What you give back from the listing below should be an exact copy of the lines from the one with "# Autodesk Inventor assembly: 답안조립품" down to the one with "Designer: CAD14", and it should contain no pictures.

....

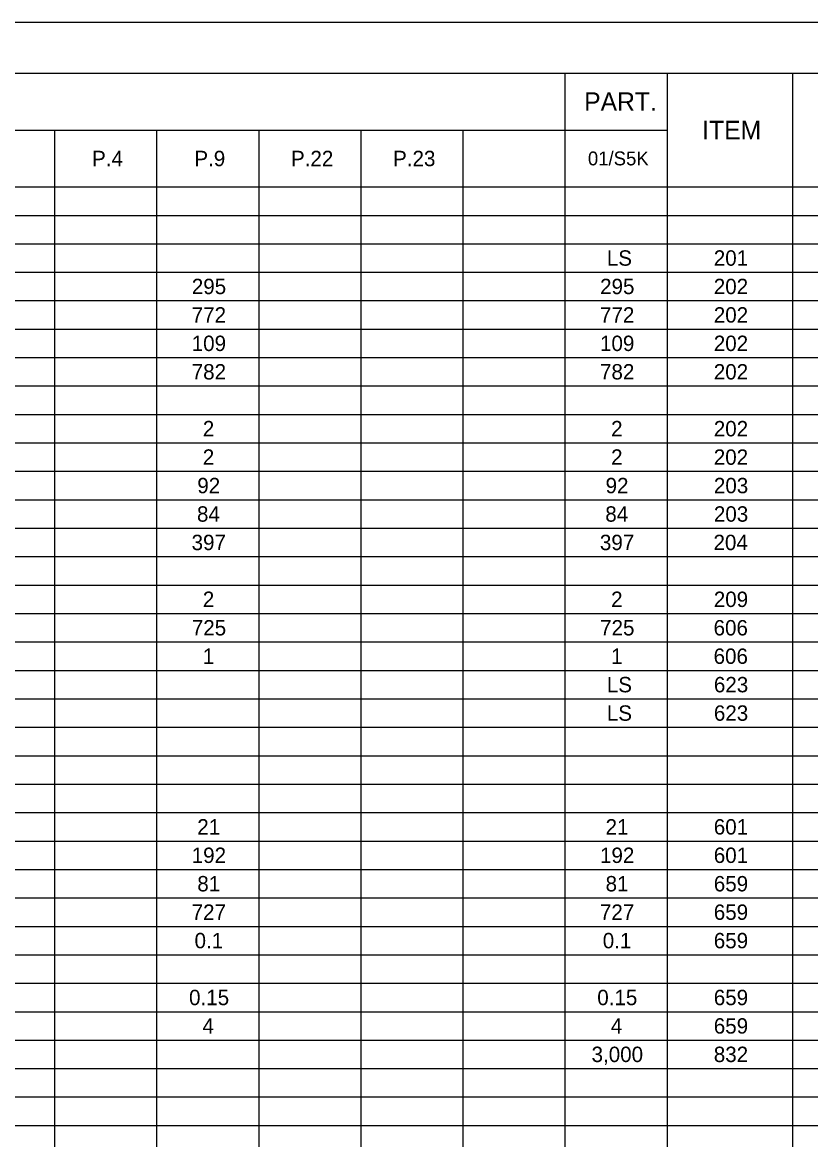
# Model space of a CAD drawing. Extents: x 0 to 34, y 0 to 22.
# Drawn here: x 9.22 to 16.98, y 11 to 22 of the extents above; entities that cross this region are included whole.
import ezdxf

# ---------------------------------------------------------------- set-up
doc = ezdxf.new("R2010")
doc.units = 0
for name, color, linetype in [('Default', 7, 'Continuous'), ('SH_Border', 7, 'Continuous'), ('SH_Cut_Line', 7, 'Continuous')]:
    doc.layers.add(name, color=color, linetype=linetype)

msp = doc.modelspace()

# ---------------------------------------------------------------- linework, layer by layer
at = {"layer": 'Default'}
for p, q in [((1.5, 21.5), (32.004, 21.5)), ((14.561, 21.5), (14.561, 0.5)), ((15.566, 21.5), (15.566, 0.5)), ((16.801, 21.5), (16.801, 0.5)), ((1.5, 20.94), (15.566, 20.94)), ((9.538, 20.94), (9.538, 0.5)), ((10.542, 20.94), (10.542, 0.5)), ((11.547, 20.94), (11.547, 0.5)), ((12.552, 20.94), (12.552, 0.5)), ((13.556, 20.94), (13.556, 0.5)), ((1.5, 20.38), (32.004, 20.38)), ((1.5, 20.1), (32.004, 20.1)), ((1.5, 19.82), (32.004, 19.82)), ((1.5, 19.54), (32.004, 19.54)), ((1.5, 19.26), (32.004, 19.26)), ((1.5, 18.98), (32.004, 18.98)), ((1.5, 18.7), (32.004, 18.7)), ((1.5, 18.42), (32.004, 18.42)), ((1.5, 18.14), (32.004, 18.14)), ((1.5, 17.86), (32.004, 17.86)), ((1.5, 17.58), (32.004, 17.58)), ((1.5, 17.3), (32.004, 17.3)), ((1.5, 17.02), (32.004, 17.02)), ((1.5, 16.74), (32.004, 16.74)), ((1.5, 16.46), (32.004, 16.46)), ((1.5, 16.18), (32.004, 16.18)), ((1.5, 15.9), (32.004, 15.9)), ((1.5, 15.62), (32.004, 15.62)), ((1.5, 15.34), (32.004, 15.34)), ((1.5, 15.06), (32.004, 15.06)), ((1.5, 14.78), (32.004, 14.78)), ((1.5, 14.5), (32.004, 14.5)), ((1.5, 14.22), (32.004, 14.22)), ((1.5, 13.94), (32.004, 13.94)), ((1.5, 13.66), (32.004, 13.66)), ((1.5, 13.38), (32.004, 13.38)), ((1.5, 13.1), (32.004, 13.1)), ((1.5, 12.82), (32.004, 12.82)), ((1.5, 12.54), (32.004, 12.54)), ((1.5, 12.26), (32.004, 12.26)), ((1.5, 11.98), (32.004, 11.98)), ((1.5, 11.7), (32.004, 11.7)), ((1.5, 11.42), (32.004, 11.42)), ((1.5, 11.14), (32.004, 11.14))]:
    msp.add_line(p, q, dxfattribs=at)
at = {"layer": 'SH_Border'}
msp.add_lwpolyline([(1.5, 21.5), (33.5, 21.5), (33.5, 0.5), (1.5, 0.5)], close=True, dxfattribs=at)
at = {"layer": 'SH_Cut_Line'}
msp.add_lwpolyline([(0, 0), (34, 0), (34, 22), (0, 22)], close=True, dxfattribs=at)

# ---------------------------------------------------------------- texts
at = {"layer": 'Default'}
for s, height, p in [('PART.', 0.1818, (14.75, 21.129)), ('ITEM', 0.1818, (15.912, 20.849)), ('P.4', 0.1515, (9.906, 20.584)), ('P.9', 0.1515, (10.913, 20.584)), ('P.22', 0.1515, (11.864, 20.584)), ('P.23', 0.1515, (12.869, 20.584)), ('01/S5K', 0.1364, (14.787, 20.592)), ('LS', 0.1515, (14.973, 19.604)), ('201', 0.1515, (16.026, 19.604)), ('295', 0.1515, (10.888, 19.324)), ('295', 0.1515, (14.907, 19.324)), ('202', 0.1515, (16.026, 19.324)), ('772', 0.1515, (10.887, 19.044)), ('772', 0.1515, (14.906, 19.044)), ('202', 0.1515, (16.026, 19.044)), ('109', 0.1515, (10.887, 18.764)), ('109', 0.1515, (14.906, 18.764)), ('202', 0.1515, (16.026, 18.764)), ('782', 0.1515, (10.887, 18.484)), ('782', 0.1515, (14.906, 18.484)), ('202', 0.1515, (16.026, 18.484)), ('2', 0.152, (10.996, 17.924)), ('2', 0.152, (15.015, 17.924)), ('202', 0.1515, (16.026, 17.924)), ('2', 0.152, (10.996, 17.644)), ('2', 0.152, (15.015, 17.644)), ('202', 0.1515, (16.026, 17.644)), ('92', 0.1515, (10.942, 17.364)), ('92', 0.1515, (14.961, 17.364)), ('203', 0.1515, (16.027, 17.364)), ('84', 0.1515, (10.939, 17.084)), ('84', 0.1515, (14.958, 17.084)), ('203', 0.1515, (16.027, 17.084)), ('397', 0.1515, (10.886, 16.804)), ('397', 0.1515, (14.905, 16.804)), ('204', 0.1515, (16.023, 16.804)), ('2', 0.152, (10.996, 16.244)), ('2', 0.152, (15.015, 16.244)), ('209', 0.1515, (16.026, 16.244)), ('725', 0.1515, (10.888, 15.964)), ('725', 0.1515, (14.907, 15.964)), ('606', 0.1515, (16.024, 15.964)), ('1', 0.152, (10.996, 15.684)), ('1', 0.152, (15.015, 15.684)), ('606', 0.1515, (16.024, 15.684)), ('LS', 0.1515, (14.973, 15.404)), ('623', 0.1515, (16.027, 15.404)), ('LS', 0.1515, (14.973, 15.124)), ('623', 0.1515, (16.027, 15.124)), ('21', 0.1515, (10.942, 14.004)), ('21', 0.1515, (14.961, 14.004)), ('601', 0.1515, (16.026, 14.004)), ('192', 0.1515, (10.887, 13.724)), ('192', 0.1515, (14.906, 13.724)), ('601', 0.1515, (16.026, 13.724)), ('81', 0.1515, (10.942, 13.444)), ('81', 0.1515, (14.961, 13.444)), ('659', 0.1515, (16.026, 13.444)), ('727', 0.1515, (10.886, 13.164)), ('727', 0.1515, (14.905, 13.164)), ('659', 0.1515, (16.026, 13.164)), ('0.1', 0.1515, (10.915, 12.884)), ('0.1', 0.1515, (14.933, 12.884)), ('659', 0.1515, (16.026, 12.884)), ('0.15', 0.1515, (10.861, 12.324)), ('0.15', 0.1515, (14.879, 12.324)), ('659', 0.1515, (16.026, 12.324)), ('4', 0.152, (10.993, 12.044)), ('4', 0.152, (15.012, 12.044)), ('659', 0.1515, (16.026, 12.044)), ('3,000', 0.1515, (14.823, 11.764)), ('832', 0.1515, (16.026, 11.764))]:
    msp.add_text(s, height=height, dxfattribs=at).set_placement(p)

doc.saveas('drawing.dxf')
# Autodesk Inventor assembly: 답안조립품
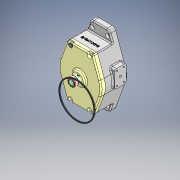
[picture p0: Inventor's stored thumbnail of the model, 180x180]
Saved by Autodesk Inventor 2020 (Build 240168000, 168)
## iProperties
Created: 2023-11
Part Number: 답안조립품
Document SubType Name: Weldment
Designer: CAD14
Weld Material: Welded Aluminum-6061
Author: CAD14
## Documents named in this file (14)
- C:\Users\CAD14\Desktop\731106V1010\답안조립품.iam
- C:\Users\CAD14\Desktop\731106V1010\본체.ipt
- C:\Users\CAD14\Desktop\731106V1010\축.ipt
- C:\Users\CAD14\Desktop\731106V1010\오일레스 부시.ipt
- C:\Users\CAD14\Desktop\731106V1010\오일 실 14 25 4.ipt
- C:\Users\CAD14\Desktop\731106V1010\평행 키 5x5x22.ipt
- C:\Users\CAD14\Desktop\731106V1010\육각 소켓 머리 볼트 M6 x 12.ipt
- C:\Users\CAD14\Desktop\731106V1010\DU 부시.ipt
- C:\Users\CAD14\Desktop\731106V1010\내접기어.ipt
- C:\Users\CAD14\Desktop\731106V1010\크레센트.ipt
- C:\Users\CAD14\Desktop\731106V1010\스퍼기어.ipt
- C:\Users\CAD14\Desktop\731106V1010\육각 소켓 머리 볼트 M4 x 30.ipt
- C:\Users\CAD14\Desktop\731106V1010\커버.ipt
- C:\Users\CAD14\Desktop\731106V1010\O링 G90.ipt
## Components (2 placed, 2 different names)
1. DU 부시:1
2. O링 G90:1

....

RESPONSE AREA.
# Autodesk Inventor assembly: 답안조립품
[picture p0: Inventor's stored thumbnail of the model, 180x180]
Saved by Autodesk Inventor 2020 (Build 240168000, 168)
## iProperties
Created: 2023-11
Part Number: 답안조립품
Document SubType Name: Weldment
Designer: CAD14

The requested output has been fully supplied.